- Theatrical release poster
- Directed by: Vincent Perez
- Screenplay by: Karine Silla; Vincent Perez; Jérôme Tonnerre;
- Dialogue by: Karine Silla
- Produced by: Virginie Silla
- Starring: Morgane Moré; Guillaume Depardieu; Magali Woch; Karine Silla; Hélène de Saint-Père; Stéphane Boucher; Michel Vuillermoz; Esse Lawson; Maryline Even;
- Cinematography: Philippe Pavans de Ceccatty
- Edited by: Laurence Briaud
- Music by: Replicant
- Production companies: EuropaCorp; Buffalo Films; TF1 Films Production;
- Distributed by: EuropaCorp
- Release dates: 24 August 2002 (Montreal); 9 October 2002 (France);
- Running time: 85 minutes
- Country: France
- Language: French
- Budget: €4.3 million

= Once Upon an Angel =

Once Upon an Angel (French: Peau d'ange, lit. 'Angel Skin') is a 2002 French romantic drama film directed by Vincent Perez, starring Morgane Moré and Guillaume Depardieu.

==Plot==
Grégoire reluctantly returns to the countryside in order to oversee his mother's funeral. Being back in the small town where he was raised upsets him, as he is not ready yet to accept the fact his mother died.
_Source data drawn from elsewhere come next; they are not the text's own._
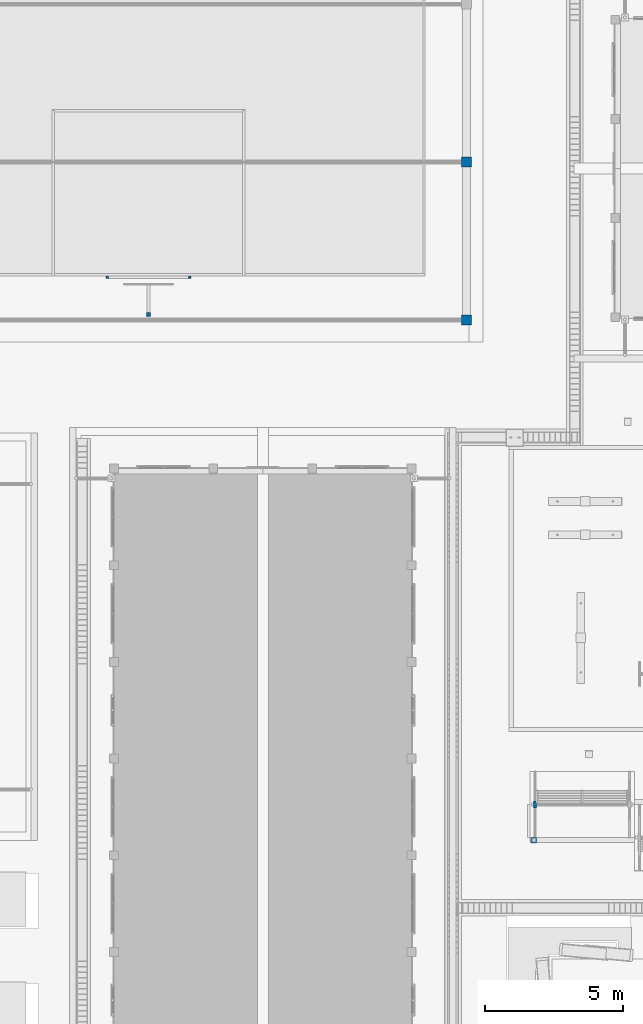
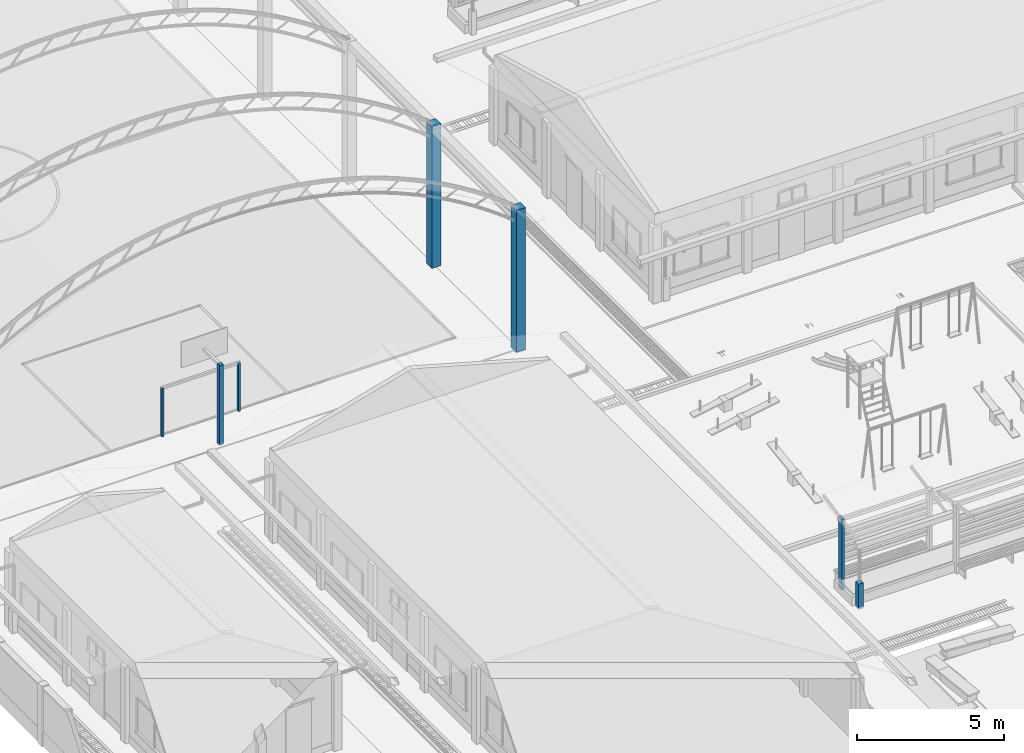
# One storey, part 7 of 151: 7 columns.
"""IFC2X3 building model written with IfcOpenShell, lengths in metres."""

from ifc_helpers import new_model, si_unit, origin, origin_with_axes, place, context, subcontext, project, spatial, faceted_brep, element, save


model = new_model("IFC2X3")

# Units and contexts
model_context = context("Model", 3, precision=1e-05, world=origin_with_axes())
body_context = subcontext(model_context, "Body", "Model", "MODEL_VIEW")
ifc_project = project(units=[si_unit("LENGTHUNIT", "METRE"), si_unit("AREAUNIT", "SQUARE_METRE"), si_unit("VOLUMEUNIT", "CUBIC_METRE"), si_unit("PLANEANGLEUNIT", "RADIAN")], contexts=[model_context])

# Site, building, storey
site_placement = place(None, origin_with_axes())
site = spatial("IfcSite", under=ifc_project, at=site_placement, Name="Predio Los Mangos - Morales, San Martín", CompositionType="ELEMENT")
building_placement = place(site_placement, origin())
building = spatial("IfcBuilding", under=site, at=building_placement, Name="Hogar de Refugio Temporal", CompositionType="ELEMENT")
storey_placement = place(building_placement, origin())
storey = spatial("IfcBuildingStorey", under=building, at=storey_placement, Name="NIVEL 1 (NPT +0.00)", CompositionType="ELEMENT", Elevation=0.0)

# Columns
column_1_placement = place(storey_placement, origin())
element("IfcColumn", 1, at=column_1_placement, inside=storey, Name="poste_arco", ObjectType="Columna", context=body_context, shape_type="Brep", body=[
    faceted_brep([(13.51, 94.11, 0.12), (13.51, 94.19, 0.12), (13.59, 94.19, 0.12), (13.59, 94.11, 0.12), (13.51, 94.11, 2.12), (13.59, 94.11, 2.12), (13.59, 94.19, 2.12), (13.51, 94.19, 2.12)], [[[0, 1, 2, 3]], [[4, 5, 6, 7]], [[0, 3, 5, 4]], [[3, 2, 6, 5]], [[2, 1, 7, 6]], [[1, 0, 4, 7]]]),
])
column_2_placement = place(storey_placement, origin())
element("IfcColumn", 2, at=column_2_placement, inside=storey, Name="poste_arco", ObjectType="Columna", context=body_context, shape_type="Brep", body=[
    faceted_brep([(16.51, 94.11, 0.12), (16.51, 94.19, 0.12), (16.59, 94.19, 0.12), (16.59, 94.11, 0.12), (16.51, 94.11, 2.12), (16.59, 94.11, 2.12), (16.59, 94.19, 2.12), (16.51, 94.19, 2.12)], [[[0, 1, 2, 3]], [[4, 5, 6, 7]], [[0, 3, 5, 4]], [[3, 2, 6, 5]], [[2, 1, 7, 6]], [[1, 0, 4, 7]]]),
])
column_3_placement = place(storey_placement, origin())
element("IfcColumn", 3, at=column_3_placement, inside=storey, Name="poste_basquet", ObjectType="Columna", context=body_context, shape_type="Brep", body=[
    faceted_brep([(14.97, 92.72, 0.12), (14.97, 92.88, 0.12), (15.13, 92.88, 0.12), (15.13, 92.72, 0.12), (14.97, 92.72, 3.4), (15.13, 92.72, 3.4), (15.13, 92.88, 3.4), (14.97, 92.88, 3.4)], [[[0, 1, 2, 3]], [[4, 5, 6, 7]], [[0, 3, 5, 4]], [[3, 2, 6, 5]], [[2, 1, 7, 6]], [[1, 0, 4, 7]]]),
])
column_4_placement = place(storey_placement, origin())
element("IfcColumn", 4, at=column_4_placement, inside=storey, Name="columna_losa", ObjectType="Columna", context=body_context, shape_type="Brep", body=[
    faceted_brep([(26.42, 92.42, 0.12), (26.42, 92.78, 0.12), (26.78, 92.78, 0.12), (26.78, 92.42, 0.12), (26.42, 92.42, 6.0), (26.78, 92.42, 6.0), (26.78, 92.78, 6.0), (26.42, 92.78, 6.0)], [[[0, 1, 2, 3]], [[4, 5, 6, 7]], [[0, 3, 5, 4]], [[3, 2, 6, 5]], [[2, 1, 7, 6]], [[1, 0, 4, 7]]]),
])
column_5_placement = place(storey_placement, origin())
element("IfcColumn", 5, at=column_5_placement, inside=storey, Name="columna_losa", ObjectType="Columna", context=body_context, shape_type="Brep", body=[
    faceted_brep([(26.42, 98.1533, 0.12), (26.42, 98.5133, 0.12), (26.78, 98.5133, 0.12), (26.78, 98.1533, 0.12), (26.42, 98.1533, 6.0), (26.78, 98.1533, 6.0), (26.78, 98.5133, 6.0), (26.42, 98.5133, 6.0)], [[[0, 1, 2, 3]], [[4, 5, 6, 7]], [[0, 3, 5, 4]], [[3, 2, 6, 5]], [[2, 1, 7, 6]], [[1, 0, 4, 7]]]),
])
column_6_placement = place(storey_placement, origin())
element("IfcColumn", 6, at=column_6_placement, inside=storey, Name="oc01_columna", ObjectType="Columna", context=body_context, shape_type="Brep", body=[
    faceted_brep([(29.135, 75.125, 0.0), (29.135, 74.875, 0.0), (29.035, 74.875, 0.0), (29.035, 75.125, 0.0), (29.135, 75.125, 2.93), (29.035, 75.125, 2.93), (29.035, 74.875, 2.93), (29.135, 74.875, 2.93)], [[[0, 1, 2, 3]], [[4, 5, 6, 7]], [[0, 3, 5, 4]], [[3, 2, 6, 5]], [[2, 1, 7, 6]], [[1, 0, 4, 7]]]),
])
column_7_placement = place(storey_placement, origin())
element("IfcColumn", 7, at=column_7_placement, inside=storey, Name="oc01_falsa_columna", ObjectType="Falsa columna", context=body_context, shape_type="Brep", body=[
    faceted_brep([(29.145, 73.81, 0.0), (29.145, 73.61, 0.0), (28.945, 73.61, 0.0), (28.945, 73.81, 0.0), (29.145, 73.81, 1.05), (28.945, 73.81, 1.05), (28.945, 73.61, 1.05), (29.145, 73.61, 1.05)], [[[0, 1, 2, 3]], [[4, 5, 6, 7]], [[0, 3, 5, 4]], [[3, 2, 6, 5]], [[2, 1, 7, 6]], [[1, 0, 4, 7]]]),
])

save(model, "model.ifc")

While looking for some comfort and solace, he meets a maid named Angèle. He manages to impress her by making up he was an important manager, although he only has a minor position in a cosmetics company. After they have spent the night in a hotel, he just leaves her but she cannot forget him, in particular because he was her first lover at all. Subsequently, she follows him and even manages to get hired as the maid of one of his colleagues. However, she then has to realise that Grégoire is about to become the son-in-law of his boss. Angèle observes how he is going to marry another woman for other reasons than love.

==Cast==
- Morgane Moré as Angèle
- Guillaume Depardieu as Grégoire
- Dominique Blanc as Sister Augustine
- Karine Silla as Laure
- Magali Woch as Josiane
- Valeria Bruni-Tedeschi as Angèle's solicitor
- Olivier Gourmet as Faivre
- Marine Delterme as Faivre's wife
- Michel Vuillermoz as Grégoire's uncle
- Esse Lawson as Amira
- Hélène de Saint-Père as Ms Artaud
- Laurent Terzieff as Mr Grenier
- Maryline Even as Jocelyne
- André Marcon as Angèle's father
- Stéphane Boucher as Doctor Artaud

==Release==
Once Upon an Angel premiered at the Montreal World Film Festival on 24 August 2002, and was screened at the Festival International du Film Francophone de Namur on 28 September 2002. The film was released in France on 9 October 2002. An English subtitled direct-to-video version, including a making-of, a soundtrack, deleted scenes, a film poster and two short films, was released on 28 May 2003.

==Accolades==
At the Cabourg Film Festival 2003, Moré was awarded the Swann d'Or for Best Actress.

==Critical response==

Vincent Perez makes an interesting behind-the-camera debut with Once Upon an Angel, a smartly put together, well-cast romantic drama that just needed a little more work on the script. Tale of a simple farm girl who loses her virginity to – but not her love for – a more emotionally complex, ambitious young man doesn't add up to a great deal, but features good perfs by leads Morgane More and Guillaume Depardieu
— Derek Elley – Variety

Perez, who co-wrote the screenplay with wife, Karine Silla (Laure Grenier in the film), directs with a restraint that elegantly counterbalances the material. Although we can see the direction the film is taking, the plot devices, contrivances and import of the each scene are so understated that their impact isn't fully realised until the end-titles roll. When you reach that point, the full force of the film becomes apparent.